The three types of reports that can be issued are: (1) audits; (2) reviews; and (3) compilations. They vary in price with the audit being the most expensive and the compilation being the least expensive. Accordingly, the audit provides the most assurance on the financial statements and the compilation provides the least.
The type of report the HOA or condo association receives is dependent on the following factors:
- What is required by state law based on the size of the HOA (often driven by revenues);
- What is required pursuant to the HOA Bylaws; and
- What is desired by the Board of Directors of the HOA.
What is a HOA Compilation Report?
A financial statement compilation is provided to help the management of the association present its financial statements. This presentation provides no assurance that the financial statements are fairly presented and free of material modifications needed for the financial statements to comply with the applicable accounting framework. The accounting framework would be Generally Accepted Accounting Principles (“GAAP”).

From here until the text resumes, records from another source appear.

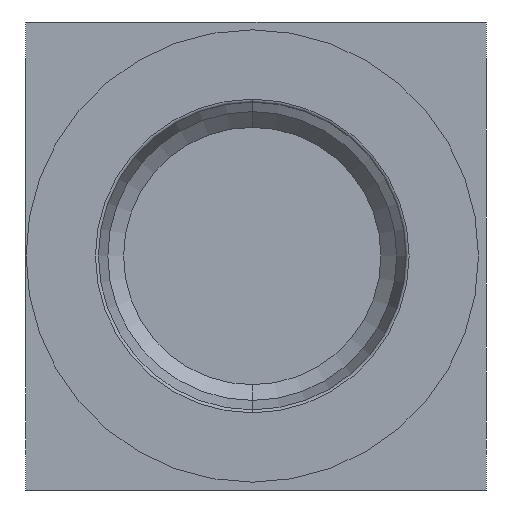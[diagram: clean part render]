
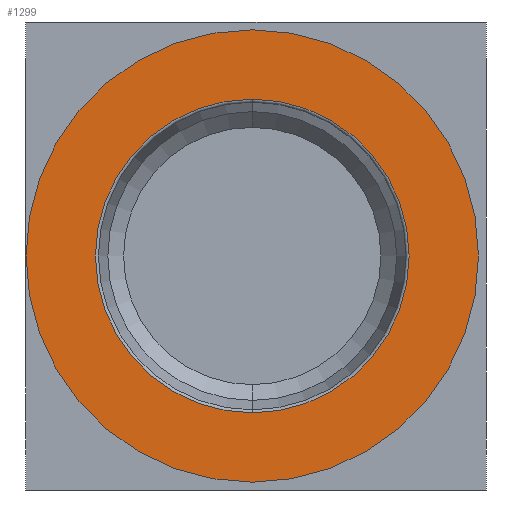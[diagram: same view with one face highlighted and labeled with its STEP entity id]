
A CAD part, left-side view. The second image highlights one B-rep face of the part: STEP entity #1299.
In plain terms, the highlighted planar face has unit normal (-1, 0, 0).
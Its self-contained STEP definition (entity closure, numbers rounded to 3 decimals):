
#1 = AXIS2_PLACEMENT_3D ( 'NONE', #8252, #8037, #4191 ) ;
#258 = AXIS2_PLACEMENT_3D ( 'NONE', #7609, #7593, #7561 ) ;
#590 = CARTESIAN_POINT ( 'NONE',  ( 0.3, 0.24, -14.5 ) ) ;
#624 = CIRCLE ( 'NONE', #1214, 10.053 ) ;
#667 = DIRECTION ( 'NONE',  ( -1., 0., 0. ) ) ;
#725 = DIRECTION ( 'NONE',  ( 0., 0., 1. ) ) ;
#948 = CIRCLE ( 'NONE', #258, 14.5 ) ;
#1002 = CIRCLE ( 'NONE', #1, 10.053 ) ;
#1214 = AXIS2_PLACEMENT_3D ( 'NONE', #3380, #3348, #3315 ) ;
#1299 = ADVANCED_FACE ( 'NONE', ( #6813, #1979 ), #8231, .T. ) ;
#1527 = VERTEX_POINT ( 'NONE', #4188 ) ;
#1777 = AXIS2_PLACEMENT_3D ( 'NONE', #590, #667, #725 ) ;
#1979 = FACE_BOUND ( 'NONE', #4523, .T. ) ;
#2224 = ORIENTED_EDGE ( 'NONE', *, *, #5074, .F. ) ;
#2902 = CARTESIAN_POINT ( 'NONE',  ( 0.3, 0.24, 14.5 ) ) ;
#3315 = DIRECTION ( 'NONE',  ( 0., 0., 1. ) ) ;
#3348 = DIRECTION ( 'NONE',  ( -1., 0., 0. ) ) ;
#3380 = CARTESIAN_POINT ( 'NONE',  ( 0.3, 0.24, 0. ) ) ;
#3621 = VERTEX_POINT ( 'NONE', #6754 ) ;
#3779 = EDGE_LOOP ( 'NONE', ( #6773, #6591 ) ) ;
#4188 = CARTESIAN_POINT ( 'NONE',  ( 0.3, 0.24, -14.5 ) ) ;
#4191 = DIRECTION ( 'NONE',  ( 0., 0., 1. ) ) ;
#4470 = CIRCLE ( 'NONE', #7347, 14.5 ) ;
#4523 = EDGE_LOOP ( 'NONE', ( #8001, #2224 ) ) ;
#4614 = VERTEX_POINT ( 'NONE', #7298 ) ;
#5074 = EDGE_CURVE ( 'NONE', #3621, #4614, #1002, .T. ) ;
#5107 = EDGE_CURVE ( 'NONE', #5830, #1527, #948, .T. ) ;
#5212 = EDGE_CURVE ( 'NONE', #4614, #3621, #624, .T. ) ;
#5830 = VERTEX_POINT ( 'NONE', #2902 ) ;
#6171 = EDGE_CURVE ( 'NONE', #1527, #5830, #4470, .T. ) ;
#6221 = DIRECTION ( 'NONE',  ( 0., 0., 1. ) ) ;
#6223 = DIRECTION ( 'NONE',  ( -1., 0., 0. ) ) ;
#6229 = CARTESIAN_POINT ( 'NONE',  ( 0.3, 0.24, 0. ) ) ;
#6591 = ORIENTED_EDGE ( 'NONE', *, *, #6171, .T. ) ;
#6754 = CARTESIAN_POINT ( 'NONE',  ( 0.3, 0.24, -10.053 ) ) ;
#6773 = ORIENTED_EDGE ( 'NONE', *, *, #5107, .T. ) ;
#6813 = FACE_OUTER_BOUND ( 'NONE', #3779, .T. ) ;
#7298 = CARTESIAN_POINT ( 'NONE',  ( 0.3, 0.24, 10.053 ) ) ;
#7347 = AXIS2_PLACEMENT_3D ( 'NONE', #6229, #6223, #6221 ) ;
#7561 = DIRECTION ( 'NONE',  ( 0., 0., 1. ) ) ;
#7593 = DIRECTION ( 'NONE',  ( -1., 0., 0. ) ) ;
#7609 = CARTESIAN_POINT ( 'NONE',  ( 0.3, 0.24, 0. ) ) ;
#8001 = ORIENTED_EDGE ( 'NONE', *, *, #5212, .F. ) ;
#8037 = DIRECTION ( 'NONE',  ( -1., 0., 0. ) ) ;
#8231 = PLANE ( 'NONE',  #1777 ) ;
#8252 = CARTESIAN_POINT ( 'NONE',  ( 0.3, 0.24, 0. ) ) ;

Because the HOA compilation report provides limited assurance, the CPA will provide limited procedures. This will typically include minimal inquiries and no analytical, review, or testing procedures. In addition, it does not require an understanding of internal controls.
HOA Compilations are preferred by those cost sensitive associations whose financial statement users are satisfied with this type of engagement. However, given there is no assurance that the financial statements compiled, represent fairly the results and financial situation of the association, a compilation is not a favorite among lenders and creditors.
A compilation report addresses either a complete set of financial statements or individual statements. In a compilation, the the HOA Board assumes responsibility for the preparation and presentation of the financial statements. The CPA providing the compilation services must have adequate industry-level understanding and knowledge of the client to prepare the financial statements.
The CPA is required to have adequate documentation to give a clear understanding of the work that he or she has completed. This documentation should incorporate the engagement letter, critical issues, and any communications to management with respect to fraud or unlawful acts noted by the accountant.
When completed, the CPA gives a written report that should accompany the composed financial statements. This report states that the accountant has not audited or reviewed the financial statements, and hence does not state an opinion or offer any assurance that the financial statements are in conformity with GAAP.
In the event that the CPA considers the financial statements compiled may contain material misstatements, he or she should acquire extra information to confirm or deny this position. If he or she is unable to obtain such additional information, the accountant should withdraw from the engagement.
The reality is that most HOAs and condo associations have compilation reports and not audit reports. In most situations, this is adequate. However, if the Board desires a higher level of assurance they may want to consider an audit or review. Many CPAs will complete the report in addition to other tax services.